As we roll past days and months and years, we tend to fall into a rut. I have often thought there is something true about Newton’s first law of motion in our behavioural pattern. A body in a state of motion or rest will continue in its state of motion or rest unless acted upon by an external force.

In fitness, curiously enough, this external force is an internal force, which comes from our own awareness. It is neither willpower nor motivation. All it requires is waking up.

When we are in a state of motion, be aware we are moving well, smoothly, happily. When we are physically sluggish, feel the bounce going off our feet as we walk. Be aware of that also.

I have seen several of my trainees, in time, changing their automated habits by just getting to know how to listen to themselves. They become their own coaches, watching what they eat, their physical and mental activity.

Stop relaying on motivation quotes and books to build willpower. Build skills instead. Skills to be alert about yourself, enjoying the process that is involved in getting fit – skills to enjoy exercise and physical activity and skills to plan your day. It all boils down to falling into a healthy daily routine in which exercise is an integral part.

Given the access to the information we have today, I am sure most of us already know what needs to be done to get in shape and stay healthy. There is no lack of motivational videos or books either. Yet, many of us are not able to improve our fitness levels. We all know obese doctors and bankrupt financial advisors. We have to transform knowledge into action, obviously.

Willpower and motivation can get you to go to a gym and do workout for a day or a week, but you need to build skills to develop healthy lifestyle changes to sustain it.
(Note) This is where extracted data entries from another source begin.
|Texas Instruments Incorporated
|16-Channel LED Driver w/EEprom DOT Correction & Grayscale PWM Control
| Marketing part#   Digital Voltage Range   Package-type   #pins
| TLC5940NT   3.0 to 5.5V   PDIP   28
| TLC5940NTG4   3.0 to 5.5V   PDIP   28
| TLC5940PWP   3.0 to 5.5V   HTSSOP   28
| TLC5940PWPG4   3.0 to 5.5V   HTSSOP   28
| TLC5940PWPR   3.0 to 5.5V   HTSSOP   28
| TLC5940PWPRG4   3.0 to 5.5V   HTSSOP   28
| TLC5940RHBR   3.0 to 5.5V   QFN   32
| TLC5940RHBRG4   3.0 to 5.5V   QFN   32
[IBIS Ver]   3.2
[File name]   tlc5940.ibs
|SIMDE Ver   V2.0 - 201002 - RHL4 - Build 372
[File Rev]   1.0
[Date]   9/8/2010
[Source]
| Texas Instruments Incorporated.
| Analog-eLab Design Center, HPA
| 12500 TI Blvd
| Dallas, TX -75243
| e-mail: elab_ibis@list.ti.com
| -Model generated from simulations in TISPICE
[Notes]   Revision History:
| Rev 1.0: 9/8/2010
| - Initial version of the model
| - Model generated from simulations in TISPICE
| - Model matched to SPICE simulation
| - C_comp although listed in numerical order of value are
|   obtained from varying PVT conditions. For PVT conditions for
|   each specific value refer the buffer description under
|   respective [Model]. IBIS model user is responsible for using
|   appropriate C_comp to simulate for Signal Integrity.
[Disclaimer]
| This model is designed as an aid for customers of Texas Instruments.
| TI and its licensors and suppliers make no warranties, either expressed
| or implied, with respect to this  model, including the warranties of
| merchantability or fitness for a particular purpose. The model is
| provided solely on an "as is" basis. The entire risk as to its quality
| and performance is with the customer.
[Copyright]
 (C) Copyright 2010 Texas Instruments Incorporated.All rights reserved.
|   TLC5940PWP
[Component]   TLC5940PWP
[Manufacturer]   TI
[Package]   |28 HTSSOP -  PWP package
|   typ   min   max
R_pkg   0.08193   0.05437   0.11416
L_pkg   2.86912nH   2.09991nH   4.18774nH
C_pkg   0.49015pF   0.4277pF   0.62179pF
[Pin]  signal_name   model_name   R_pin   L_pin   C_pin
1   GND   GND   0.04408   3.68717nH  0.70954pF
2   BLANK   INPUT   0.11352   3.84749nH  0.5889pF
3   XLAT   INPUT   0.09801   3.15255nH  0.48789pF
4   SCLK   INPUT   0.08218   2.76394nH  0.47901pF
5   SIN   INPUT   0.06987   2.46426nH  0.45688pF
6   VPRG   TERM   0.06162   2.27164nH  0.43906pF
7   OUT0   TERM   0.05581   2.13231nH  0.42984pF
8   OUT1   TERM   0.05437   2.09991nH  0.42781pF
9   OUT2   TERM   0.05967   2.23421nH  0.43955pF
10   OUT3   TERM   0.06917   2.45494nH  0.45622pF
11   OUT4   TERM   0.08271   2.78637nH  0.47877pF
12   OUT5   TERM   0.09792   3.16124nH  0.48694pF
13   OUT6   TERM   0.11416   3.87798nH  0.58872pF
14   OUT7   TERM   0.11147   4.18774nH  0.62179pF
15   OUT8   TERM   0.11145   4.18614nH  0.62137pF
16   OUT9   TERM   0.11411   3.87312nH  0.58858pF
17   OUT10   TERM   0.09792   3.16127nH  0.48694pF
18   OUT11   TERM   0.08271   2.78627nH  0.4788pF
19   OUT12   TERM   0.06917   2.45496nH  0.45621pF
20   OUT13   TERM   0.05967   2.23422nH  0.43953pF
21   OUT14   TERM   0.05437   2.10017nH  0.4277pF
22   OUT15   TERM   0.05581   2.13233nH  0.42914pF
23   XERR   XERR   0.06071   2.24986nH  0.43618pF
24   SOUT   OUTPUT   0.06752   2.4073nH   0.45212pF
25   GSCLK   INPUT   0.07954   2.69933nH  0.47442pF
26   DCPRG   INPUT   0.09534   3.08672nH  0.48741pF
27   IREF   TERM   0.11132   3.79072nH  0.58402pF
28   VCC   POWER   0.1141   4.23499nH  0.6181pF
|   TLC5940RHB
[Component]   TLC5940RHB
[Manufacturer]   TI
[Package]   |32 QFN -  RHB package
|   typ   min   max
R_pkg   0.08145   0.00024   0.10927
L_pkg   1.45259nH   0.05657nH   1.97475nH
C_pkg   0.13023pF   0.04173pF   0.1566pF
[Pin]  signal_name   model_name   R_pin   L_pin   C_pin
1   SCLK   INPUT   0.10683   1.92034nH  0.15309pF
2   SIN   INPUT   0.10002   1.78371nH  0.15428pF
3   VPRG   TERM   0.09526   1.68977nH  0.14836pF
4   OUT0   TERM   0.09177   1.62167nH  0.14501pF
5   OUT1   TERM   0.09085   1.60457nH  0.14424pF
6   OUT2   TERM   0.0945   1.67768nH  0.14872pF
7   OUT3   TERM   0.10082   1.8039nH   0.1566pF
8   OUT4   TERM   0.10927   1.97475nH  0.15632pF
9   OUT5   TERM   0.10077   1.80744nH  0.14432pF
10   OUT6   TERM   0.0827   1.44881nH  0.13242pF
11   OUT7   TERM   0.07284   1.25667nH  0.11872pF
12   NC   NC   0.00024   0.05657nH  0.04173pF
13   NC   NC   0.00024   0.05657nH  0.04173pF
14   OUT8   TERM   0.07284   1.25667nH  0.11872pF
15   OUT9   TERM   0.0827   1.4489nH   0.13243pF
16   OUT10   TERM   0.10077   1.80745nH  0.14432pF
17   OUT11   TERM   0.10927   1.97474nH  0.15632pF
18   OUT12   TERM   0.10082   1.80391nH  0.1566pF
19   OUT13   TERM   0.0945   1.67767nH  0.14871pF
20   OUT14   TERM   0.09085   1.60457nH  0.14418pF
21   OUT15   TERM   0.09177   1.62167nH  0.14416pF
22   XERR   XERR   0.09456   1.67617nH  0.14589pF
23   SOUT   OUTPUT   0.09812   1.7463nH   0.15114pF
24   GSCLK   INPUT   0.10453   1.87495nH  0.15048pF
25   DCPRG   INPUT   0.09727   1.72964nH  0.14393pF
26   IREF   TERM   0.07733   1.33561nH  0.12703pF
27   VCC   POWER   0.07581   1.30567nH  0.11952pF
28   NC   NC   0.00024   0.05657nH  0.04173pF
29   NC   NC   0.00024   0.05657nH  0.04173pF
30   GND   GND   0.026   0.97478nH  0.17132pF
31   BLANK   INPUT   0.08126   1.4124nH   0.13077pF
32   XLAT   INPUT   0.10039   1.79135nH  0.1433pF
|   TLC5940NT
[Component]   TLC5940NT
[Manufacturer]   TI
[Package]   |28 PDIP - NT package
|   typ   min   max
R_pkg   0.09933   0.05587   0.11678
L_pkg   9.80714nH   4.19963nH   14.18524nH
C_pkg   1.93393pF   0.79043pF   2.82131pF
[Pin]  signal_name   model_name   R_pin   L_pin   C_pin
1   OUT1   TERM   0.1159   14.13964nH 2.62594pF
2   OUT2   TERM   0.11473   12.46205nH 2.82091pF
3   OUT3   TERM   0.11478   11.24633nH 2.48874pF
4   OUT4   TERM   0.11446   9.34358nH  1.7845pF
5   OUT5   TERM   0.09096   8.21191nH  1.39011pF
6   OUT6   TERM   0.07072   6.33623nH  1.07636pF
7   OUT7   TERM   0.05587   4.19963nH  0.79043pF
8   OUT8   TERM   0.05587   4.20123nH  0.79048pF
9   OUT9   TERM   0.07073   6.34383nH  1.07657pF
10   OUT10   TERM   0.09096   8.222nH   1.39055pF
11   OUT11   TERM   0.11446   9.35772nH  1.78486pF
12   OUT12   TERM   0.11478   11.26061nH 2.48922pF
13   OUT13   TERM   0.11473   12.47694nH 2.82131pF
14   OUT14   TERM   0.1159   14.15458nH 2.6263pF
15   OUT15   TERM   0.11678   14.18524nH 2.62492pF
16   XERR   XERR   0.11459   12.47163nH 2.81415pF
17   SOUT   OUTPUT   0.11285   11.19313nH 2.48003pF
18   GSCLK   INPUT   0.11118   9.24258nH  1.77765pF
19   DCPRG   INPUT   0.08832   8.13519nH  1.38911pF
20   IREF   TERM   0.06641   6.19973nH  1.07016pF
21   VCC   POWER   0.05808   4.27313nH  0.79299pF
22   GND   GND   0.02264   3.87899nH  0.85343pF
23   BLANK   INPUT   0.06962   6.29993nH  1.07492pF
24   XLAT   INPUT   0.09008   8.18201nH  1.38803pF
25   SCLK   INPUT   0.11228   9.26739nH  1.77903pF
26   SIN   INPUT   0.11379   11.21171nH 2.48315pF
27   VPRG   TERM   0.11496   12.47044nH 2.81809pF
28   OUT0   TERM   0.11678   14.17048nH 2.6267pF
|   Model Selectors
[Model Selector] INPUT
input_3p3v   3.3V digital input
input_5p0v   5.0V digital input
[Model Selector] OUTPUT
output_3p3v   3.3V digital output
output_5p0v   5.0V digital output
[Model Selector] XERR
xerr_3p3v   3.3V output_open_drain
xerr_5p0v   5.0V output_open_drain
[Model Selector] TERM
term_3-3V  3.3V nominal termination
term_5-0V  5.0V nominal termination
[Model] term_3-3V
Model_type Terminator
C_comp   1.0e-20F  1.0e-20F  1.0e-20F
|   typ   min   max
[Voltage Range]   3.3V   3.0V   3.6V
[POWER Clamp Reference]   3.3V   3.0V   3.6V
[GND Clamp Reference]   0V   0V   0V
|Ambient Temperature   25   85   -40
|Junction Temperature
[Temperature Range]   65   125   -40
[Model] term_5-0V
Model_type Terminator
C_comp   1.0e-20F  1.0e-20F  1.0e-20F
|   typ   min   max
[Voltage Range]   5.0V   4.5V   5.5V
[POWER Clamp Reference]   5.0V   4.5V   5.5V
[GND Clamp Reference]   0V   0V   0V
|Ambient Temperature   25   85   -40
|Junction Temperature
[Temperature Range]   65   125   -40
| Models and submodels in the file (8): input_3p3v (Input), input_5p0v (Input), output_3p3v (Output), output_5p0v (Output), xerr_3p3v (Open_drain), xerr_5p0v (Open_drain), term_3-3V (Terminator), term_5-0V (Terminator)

When you try to make a big change in your habits, you are surely tinkering with a behavioural pattern that has become automatic. For example, sitting around at home the whole day on your laptop or watching TV may be a behavioural pattern that has become automatic for you. Simply get up and go for a walk every day for a change. Break it, without making a big deal of it, effortlessly. The bigger the change you’re trying to bring about at one go, the more conflict and strain there will be.

Start Small

Instead of deciding to get on a diet overnight, probably start with adding a salad to your dinner. Stick to this behaviour long enough till it becomes an easy habit. Then add another change. Track

Tracking the changes you are making is the most underrated tool in making long-term lifestyle changes. Track you steps, use a calendar to mark out days you have hit the goals you have set for yourself. Reflect on your compliance. In short, listen and meditate on how you enjoy the progress you are making. Savour it. The Domino-Effect

Small changes when added one over the other will have a domino effect and this will lead to bigger changes. Small changes should not be overlooked- they often have a domino effect. A domino by itself is very small, smaller than a matchbox. But when it comes to forcing, a domino can knock down another piece 1.5X its size. Imagine a long line of dominos placed one after the other, with each one progressively 1.5x larger than the last. If you were to knock down the first two-inch domino, you would set off a chain reaction that would, by the 23rd iteration, produce enough force to knock over a domino as high as the Eiffel Tower. This applies well in terms of behavioural changes as well.

Give Time – Patience is the key

You did not gain weight or lose your fitness overnight. It had taken time. Likewise, you are not going to build habits to stay fit overnight either. Have patience.